The propagation of uncertainty through a deterministic model is a key issue when one wants to estimate the failure probability of a system. Several methods exist to describe the probability distribution of an output variable from the probabilistic parameters of the random input variables, but these methods usually require a large number of calls to the deterministic model. This is the case of the famous Monte-Carlo method, which provides an unbiased estimate of the failure probability pf, but requires a number of calls larger than 10/pf to provide a correct estimation. For the orders of magnitude of failure probabilities that are of interest to engineers, such a number of calls of the deterministic model is often out of reach for computationnal cost reasons. Several recent probabilistic methods allow a reduction of this computationnal time.
The Response Surface Methodology (RSM) is based on a quadratic approximation of the limit state surface, and consists in determining by successive iterations the position of the so-called design point, defined as the point of most probable failure. When this point is known, the FORM approximation provides a direct estimate of the failure probability. However, RSM presents a few limitations, not the least being the fact that it is only able to provide a failure probability for a failure criterion defined a priori, but that it does not provide any information on the probability distribution of the output variable of the model.
The Collocation-based Stochastic Response Surface Methodology (CSRSM) was introduced in order to overcome the limitations of RSM. CSRSM is also based on an analytical approximation of the deterministic model, but this approximation is more complex and presents the advantage of being defined on a wide domain in the space of the input random variables (and not only in the neighbourhood of the design point as in RSM). When this analytical approximation is properly fitted from a rather limited number of calls to the deterministic model, it provides a so-called meta-model with a negligible computational cost, which can be subtituted to the original deterministic model in any probabilistic method.

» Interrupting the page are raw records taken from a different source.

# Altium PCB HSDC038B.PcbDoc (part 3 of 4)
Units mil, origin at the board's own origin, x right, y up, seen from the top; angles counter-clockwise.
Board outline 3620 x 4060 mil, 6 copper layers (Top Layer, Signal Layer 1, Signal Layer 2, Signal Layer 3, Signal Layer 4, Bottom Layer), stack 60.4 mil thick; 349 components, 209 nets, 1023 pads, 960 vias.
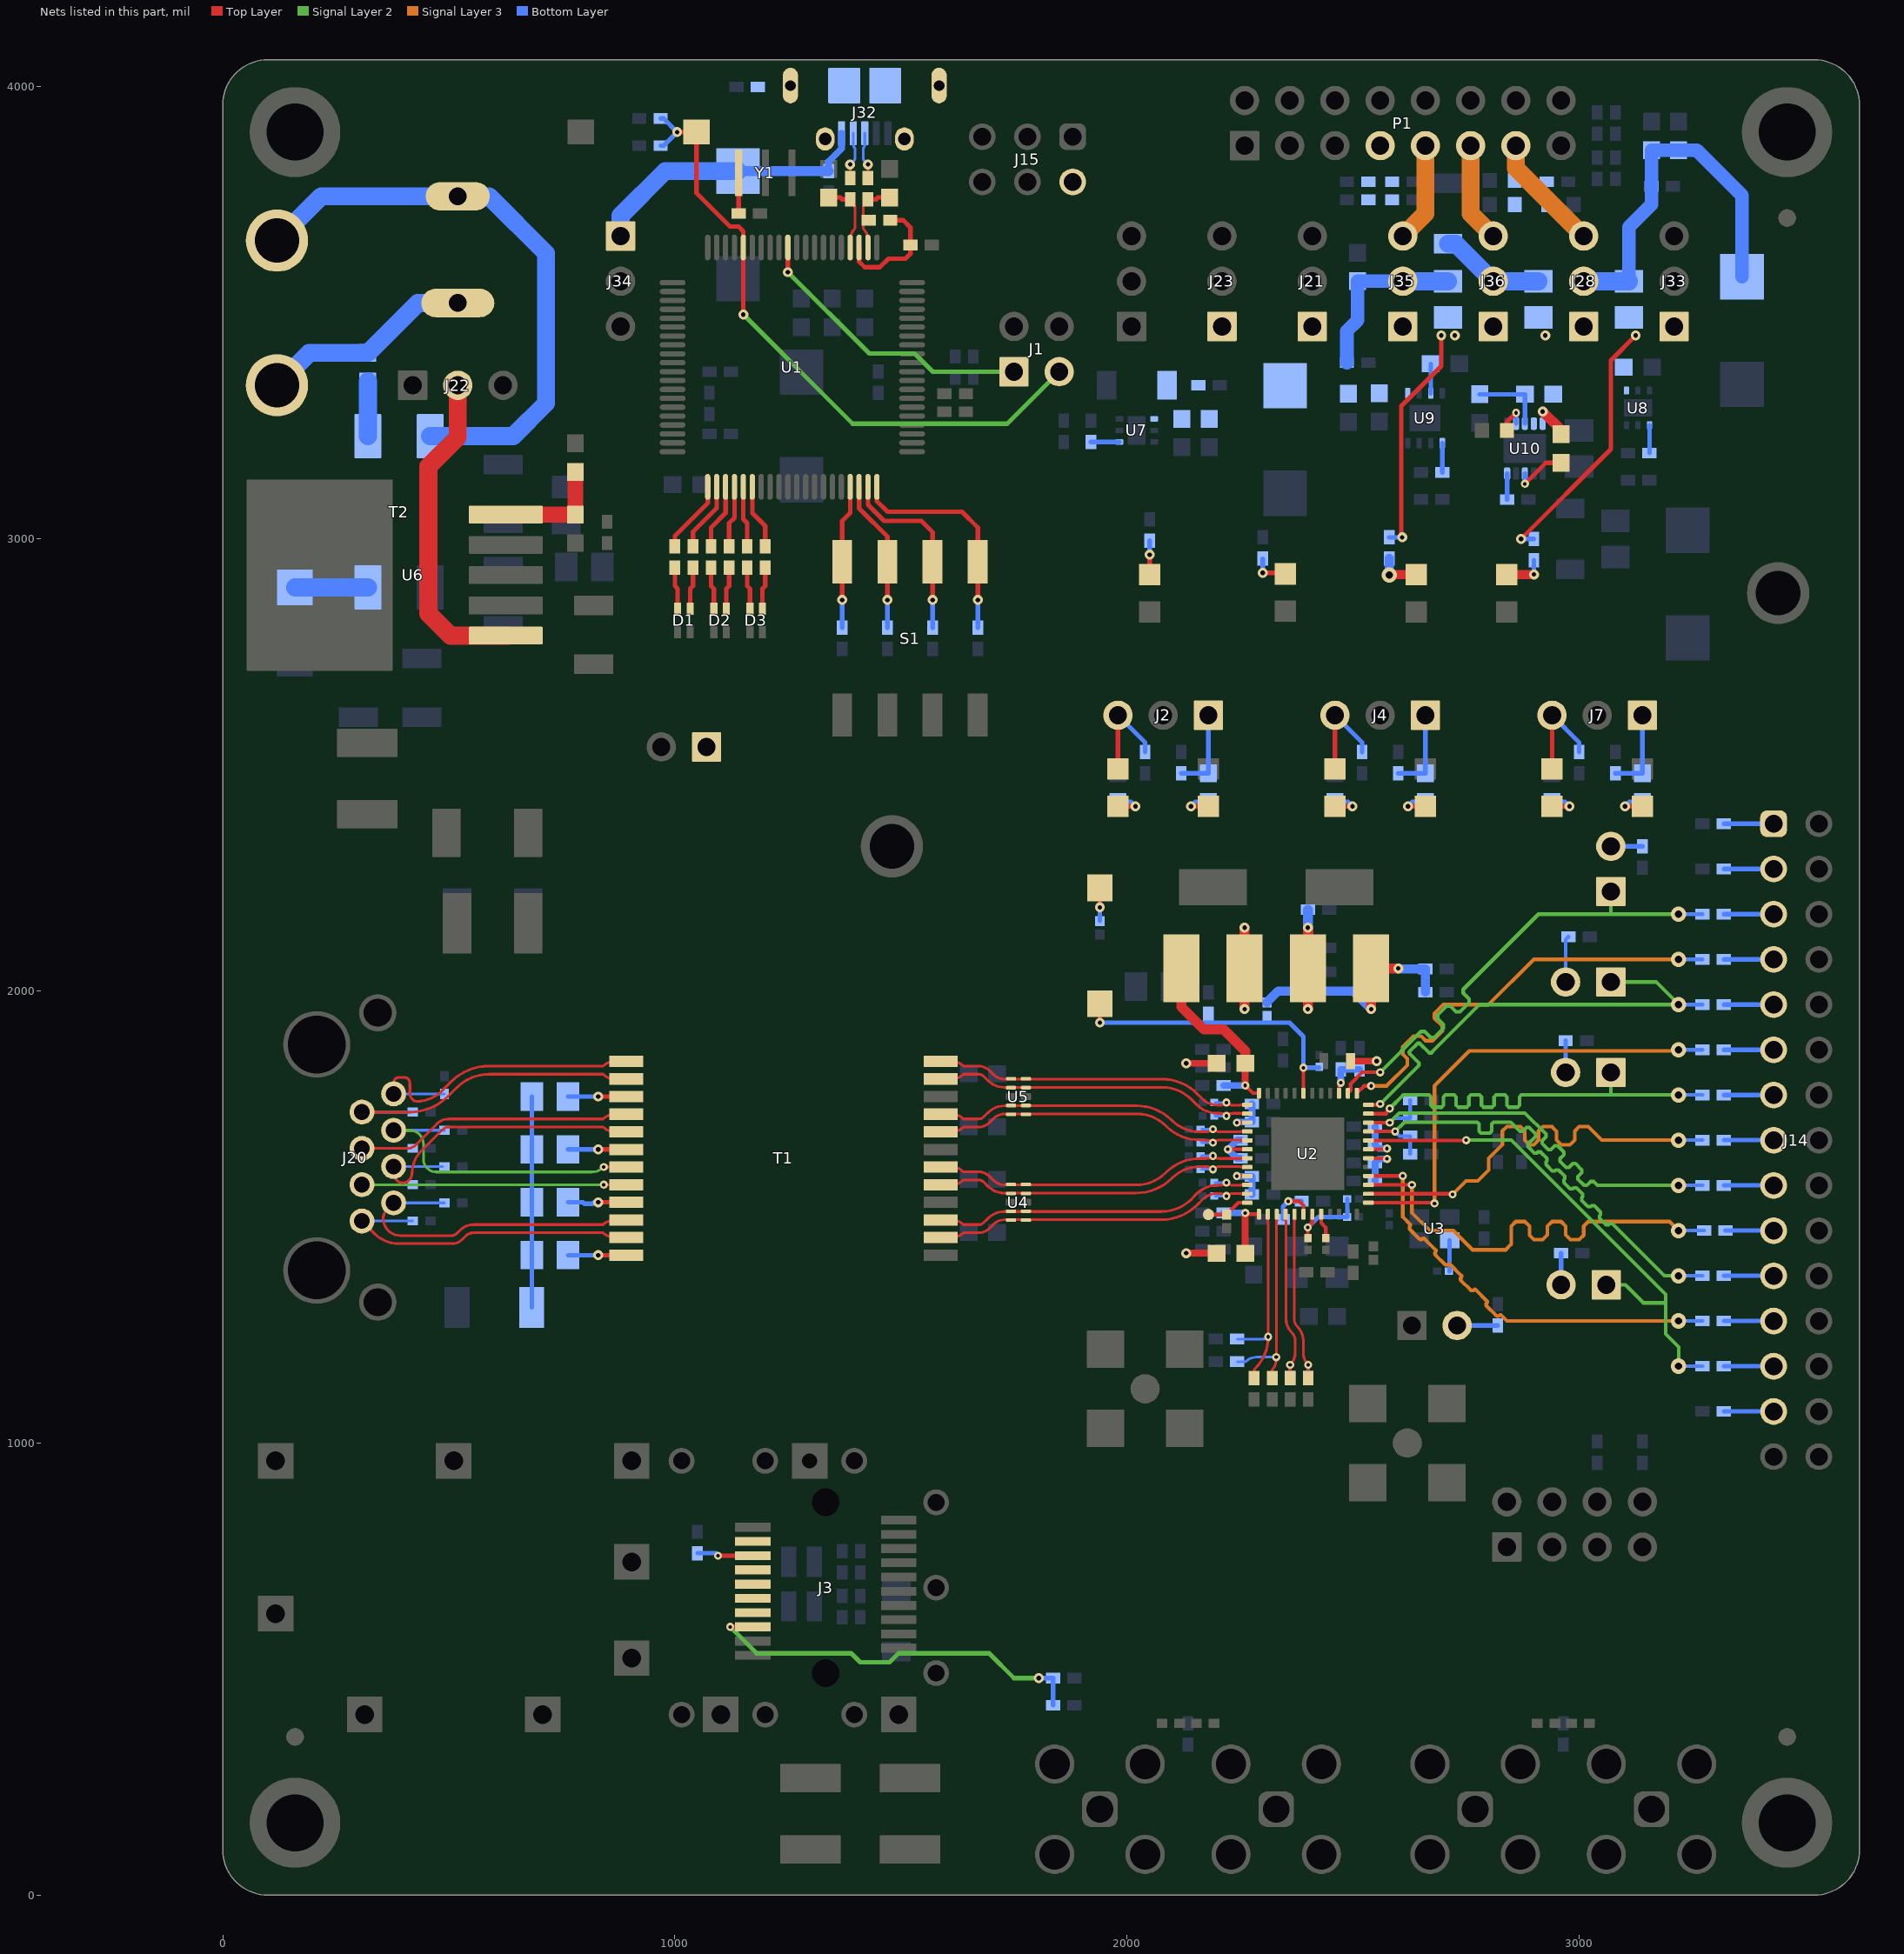
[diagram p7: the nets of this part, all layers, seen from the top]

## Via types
v1: diameter 24, hole 12, Top Layer to Bottom Layer, tented both sides, 728 vias
v2: diameter 22, hole 10, Top Layer to Bottom Layer, tented both sides, 113 vias
v3: diameter 17.87, hole 7.87, Top Layer to Bottom Layer, tented both sides, 67 vias
v4: diameter 19.68, hole 7.87, Top Layer to Bottom Layer, tented both sides, 24 vias
v5: diameter 34, hole 16, Top Layer to Bottom Layer, tented both sides, 15 vias
v6: diameter 18, hole 8, Top Layer to Bottom Layer, tented both sides, 13 vias

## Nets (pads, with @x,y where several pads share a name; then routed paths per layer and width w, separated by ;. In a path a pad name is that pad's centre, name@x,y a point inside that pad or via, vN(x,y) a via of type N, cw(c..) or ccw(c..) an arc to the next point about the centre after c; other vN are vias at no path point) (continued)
NetC59_1: C59.1 R96.1 R97.1 R98.1 R99.1 | length 466.4
  Bottom Layer w10: C59.1@683.61,1300 R99.1@683.61,1415.63 R98.1@683.61,1532.56 R97.1@683.61,1649.49 R96.1@683.61,1766.42
NetC88_2: C88.2 C89.2 C90.2 C91.1 J28.2 R105.1 | length 832.1
  Bottom Layer w30: R105.1@3110,3570 3110,3690 3160,3740 C90.2@3160,3780 C89.2@3160,3860 C88.2@3220,3860 3260,3860 3360,3760 C91.1@3360,3580
  Bottom Layer w40: J28.2@3010,3570 R105.1@3110,3570
NetC98_1: C98.1 C100.2 C101.2 C102.2 J35.2 R111.1 | length 389.8
  Bottom Layer w30: C102.2@2486.38,3390 2486.38,3460 2510,3483.62 C101.2@2510,3570 J35.2@2610,3570
  Bottom Layer w40: J35.2@2610,3570 R111.1@2710,3570
NetC105_2: C105.2 U9.3 | length 64.9
  Bottom Layer w10: U9.3@2671.85,3322.4 C105.2@2671.85,3387.28
NetC110_1: C110.1 C111.1 C112.2 C113.2 C114.2 J36.2 R115.1 | length 234.4
  Bottom Layer w40: C110.1@2710,3653.07 2726.93,3653.07 J36.2@2810,3570 R115.1@2910,3570
NetC118_2: C118.2 U10.7 | length 71.2
  Top Layer w10: C118.2@2840.32,3240 2840.32,3259 v3(2860.32,3279)
  Bottom Layer w10: U10.7@2860.31,3255.12 v3(2860.32,3279)
NetD1_1: D1.1 R2.1 | length 93.4
  Top Layer w10: D1.1@1033.78,2845.59 1033.78,2890 1040,2896.22 R2.1@1040,2936.38
NetD1_2: D1.2 R1.1 | length 93.4
  Top Layer w10: R1.1@1000,2936.38 1000,2896.22 1006.22,2890 D1.2@1006.22,2845.59
NetD2_1: D2.1 R4.1 | length 93.4
  Top Layer w10: D2.1@1113.78,2845.59 1113.78,2890 1120,2896.22 R4.1@1120,2936.38
NetD2_2: D2.2 R3.1 | length 93.4
  Top Layer w10: R3.1@1080,2936.38 1080,2896.22 1086.22,2890 D2.2@1086.22,2845.59
NetD3_1: D3.1 R6.1 | length 93.4
  Top Layer w10: D3.1@1193.78,2845.59 1193.78,2890 1200,2896.22 R6.1@1200,2936.38
NetD3_2: D3.2 R5.1 | length 93.4
  Top Layer w10: R5.1@1160,2936.38 1160,2896.22 1166.22,2890 D3.2@1166.22,2845.59
NetD4_2: D4.2 T2.4 | length 161.1
  Bottom Layer w40: D4.2@160,2892.68 T2.4@321.1,2892.68
NetD5_1: D5.1 R107.1 | length 75.1
  Top Layer w10: D5.1@2050,2921.32 v2(2050,2965)
  Bottom Layer w10: v2(2050,2965) R107.1@2050,2996.38
NetD6_1: D6.1 R108.1 | length 82.3
  Top Layer w10: v2(2300,2924.98) 2347.66,2924.98 D6.1@2350,2922.64
  Bottom Layer w10: v2(2300,2924.98) R108.1@2300,2956.38
NetD7_1: D7.1 R109.1 | length 96.9
  Top Layer w20: v5(2580,2920) 2581.34,2921.34 D7.1@2640,2921.34
  Bottom Layer w20: v5(2580,2920) R109.1@2580,2956.38
NetD8_1: D8.1 R110.1 | length 91.4
  Top Layer w20: D8.1@2840,2921.34 v2(2900,2921.34)
  Bottom Layer w10: v2(2900,2921.34) R110.1@2900,2952.71
NetF1_1: F1.1 J24.1 J25.1 | length 475.3
  Bottom Layer w40: J24.1@120,3340 191.5,3411.5 F1.1@321.1,3411.5 431.5,3521.89 J25.1@520,3521.89
NetF1_2: F1.2 T2.1 | length 121.2
  Bottom Layer w40: T2.1@321.1,3227.32 F1.2@321.1,3348.5
NetJ2_1: J2.1 R20.2 R21.1 | length 188.5
  Bottom Layer w10: R20.2@2120,2481.5 R21.1@2180,2481.5 J2.1@2180,2610
NetJ2_3: J2.3 LD1.2 R19.1 | length 224.8
  Top Layer w10: LD1.2@1980,2491.34 J2.3@1980,2610
  Bottom Layer w10: J2.3@1980,2610 2040,2550 R19.1@2040,2528.74
NetJ4_1: J4.1 R27.2 R28.2 | length 188.5
  Bottom Layer w10: R27.2@2600,2481.5 R28.2@2660,2481.5 J4.1@2660,2610
NetJ4_3: J4.3 LD3.2 R25.1 | length 224.8
  Top Layer w10: LD3.2@2460,2491.34 J4.3@2460,2610
  Bottom Layer w10: J4.3@2460,2610 2520,2550 R25.1@2520,2528.74
NetJ6_2: J6.2 R30.1 | length 70
  Bottom Layer w10: J6.2@2960,1350 R30.1@2960,1420
NetJ7_1: J7.1 R36.2 R37.2 | length 188.5
  Bottom Layer w10: R37.2@3080,2481.5 R36.2@3140,2481.5 J7.1@3140,2610
NetJ7_3: J7.3 LD5.2 R32.1 | length 224.8
  Top Layer w10: LD5.2@2940,2491.34 J7.3@2940,2610
  Bottom Layer w10: J7.3@2940,2610 3000,2550 R32.1@3000,2528.74
NetJ8_2: J8.2 R35.1 | length 70
  Bottom Layer w10: J8.2@3070,2320 R35.1@3140,2320
NetJ10_2: J10.2 R42.1 | length 70
  Bottom Layer w10: J10.2@2970,1820 R42.1@2970,1890
NetJ11_2: J11.2 R44.1 | length 102.6
  Bottom Layer w8: J11.2@2970,2020 2970,2113.62 R44.1@2976.38,2120
NetJ14_1: J14.1 R49.1 | length 110
  Bottom Layer w10: R49.1@3320,2370 J14.1@3430,2370
NetJ14_3: J14.3 R50.1 | length 110
  Bottom Layer w10: R50.1@3320,2270 J14.3@3430,2270
NetJ14_5: J14.5 R51.1 | length 110
  Bottom Layer w10: R51.1@3320,2170 J14.5@3430,2170
NetJ14_7: J14.7 R52.1 | length 110
  Bottom Layer w10: R52.1@3320,2070 J14.7@3430,2070
NetJ14_9: J14.9 R53.1 | length 110
  Bottom Layer w10: R53.1@3320,1970 J14.9@3430,1970
NetJ14_11: J14.11 R54.1 | length 110
  Bottom Layer w10: R54.1@3320,1870 J14.11@3430,1870
NetJ14_13: J14.13 R55.1 | length 110
  Bottom Layer w10: R55.1@3320,1770 J14.13@3430,1770
NetJ14_15: J14.15 R56.1 | length 110
  Bottom Layer w10: R56.1@3320,1670 J14.15@3430,1670
NetJ14_17: J14.17 R57.1 | length 110
  Bottom Layer w10: R57.1@3320,1570 J14.17@3430,1570
NetJ14_19: J14.19 R58.1 | length 106.4
  Bottom Layer w10: R58.1@3323.62,1470 J14.19@3430,1470
NetJ14_21: J14.21 R59.1 | length 110
  Bottom Layer w10: R59.1@3320,1370 J14.21@3430,1370
NetJ14_23: J14.23 R60.1 | length 110
  Bottom Layer w10: R60.1@3320,1270 J14.23@3430,1270
NetJ14_25: J14.25 R61.1 | length 110
  Bottom Layer w10: R61.1@3320,1170 J14.25@3430,1170
NetJ14_27: J14.27 R62.1 | length 110
  Bottom Layer w10: R62.1@3320,1070 J14.27@3430,1070
NetJ19_2: J19.2 R93.1 | length 90
  Bottom Layer w10: J19.2@2730,1260 R93.1@2820,1260
NetJ22_2: J22.2 U6.1 | length 728.2
  Top Layer w40: J22.2@520,3340 520,3225 455,3160 455,2835 503.86,2786.14 U6.1@631.06,2786.14
NetJ25_2: J25.2 J29.1 T2.2 | length 1306.1
  Bottom Layer w40: J29.1@120,3660 218.11,3758.11 J25.2@520,3758.11 588.89,3758.11 715,3632 715,3300 642.32,3227.32 T2.2@458.9,3227.32
NetJ32_6: J32.6 J32.7 J32.8 J32.9 J32.10 J32.11 R112.1
NetLD1_1: LD1.1 R18.2 | length 81.4
  Top Layer w10: LD1.1@1980,2408.66 v2(2018.66,2408.66)
  Bottom Layer w10: R18.2@1980,2418.5 2008.82,2418.5 v2(2018.66,2408.66)
NetLD2_1: LD2.1 R21.2 | length 81.4
  Top Layer w10: v2(2141.34,2408.66) LD2.1@2180,2408.66
  Bottom Layer w10: v2(2141.34,2408.66) 2151.18,2418.5 R21.2@2180,2418.5
NetLD3_1: LD3.1 R24.2 | length 81.4
  Top Layer w10: LD3.1@2460,2408.66 v2(2498.66,2408.66)
  Bottom Layer w10: R24.2@2460,2418.5 2488.82,2418.5 v2(2498.66,2408.66)
NetLD4_1: LD4.1 R28.1 | length 81.4
  Top Layer w10: v2(2621.34,2408.66) LD4.1@2660,2408.66
  Bottom Layer w10: v2(2621.34,2408.66) 2631.18,2418.5 R28.1@2660,2418.5
NetLD5_1: LD5.1 R29.2 | length 81.4
  Top Layer w10: LD5.1@2940,2408.66 v2(2978.66,2408.66)
  Bottom Layer w10: R29.2@2940,2418.5 2968.82,2418.5 v2(2978.66,2408.66)
NetLD6_1: LD6.1 R36.1 | length 81.4
  Top Layer w10: v2(3101.34,2408.66) LD6.1@3140,2408.66
  Bottom Layer w10: v2(3101.34,2408.66) 3111.18,2418.5 R36.1@3140,2418.5
NetR11_1: R11.1 Y1.3 | length 90
  Top Layer w10: R11.1@1141.14,3720 Y1.3@1141.14,3810
NetR80_2: R80.2 S3.2 | length 73
  Top Layer w10: v2(1940,2185) S3.2@1940,2227.95
  Bottom Layer w10: R80.2@1940,2154.96 v2(1940,2185)
NetR87_1: R87.1 U3.1 | length 68.8
  Bottom Layer w10: R87.1@2713.46,1380 U3.1@2713.46,1448.82
NetR96_2: R96.2 T1.15 | length 128.8
  Top Layer w10: v2(830.63,1766.42) T1.15@892.46,1766.42
  Bottom Layer w10: R96.2@763.61,1766.42 v2(830.63,1766.42)
NetR97_2: R97.2 T1.18 | length 128.8
  Top Layer w10: v2(830.63,1649.49) T1.18@892.46,1649.49
  Bottom Layer w10: R97.2@763.61,1649.49 v2(830.63,1649.49)
NetR98_2: R98.2 T1.21 | length 131.6
  Top Layer w10: v2(830.63,1532.56) T1.21@892.46,1532.56
  Bottom Layer w10: R98.2@763.61,1532.56 796.6,1532.56 799.97,1529.19 818.03,1529.19 821.4,1532.56 v2(830.63,1532.56)
NetR99_2: R99.2 T1.24 | length 128.8
  Top Layer w10: v2(830.63,1415.63) T1.24@892.46,1415.63
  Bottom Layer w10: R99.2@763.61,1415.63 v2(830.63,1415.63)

Figure 1. Principle of the reliability-based methods : the ellipses ("probabilistic" part) represent the domains of equal probability of occurence of the random input variables, and the limit state curve ("déterministic" part) represents the limit between the domains of failure and of safety. The design point is the point of most probable failure.
Figure 3. Collocation scheme used in the framework of CSRSM. Instead of performing hundreds of calls as in the Monte-Carlo method, the computations are efficiently spread over the domain of the input random variables. From this it is possible to obtain an analytical approximation of the original model with a very small time cost.
Figure 5. Examples of results obtained by CSRSM, in the framework of the analysis of pressurized tunnel face stability (Mollon et al. 2011) : influence of the dispersion of the friction angle and of the cohesion on the probability distribution of the critical collapse pressure and on the collapse probability.
Figure 2. Response Surface Methodology (RSM) in the case of three random variables. The ellipses become ellipsoids, and the limit state surface is approximated by a quadratic funtion.
Figure 4. Comparison between the original model and the meta-model in the framework of CSRSM, for several orders of the method. At the order 2 the approximation is only accurate in the central zone (area of high probability of occurence), while at the order 5 it is satisfactory in the whole domain.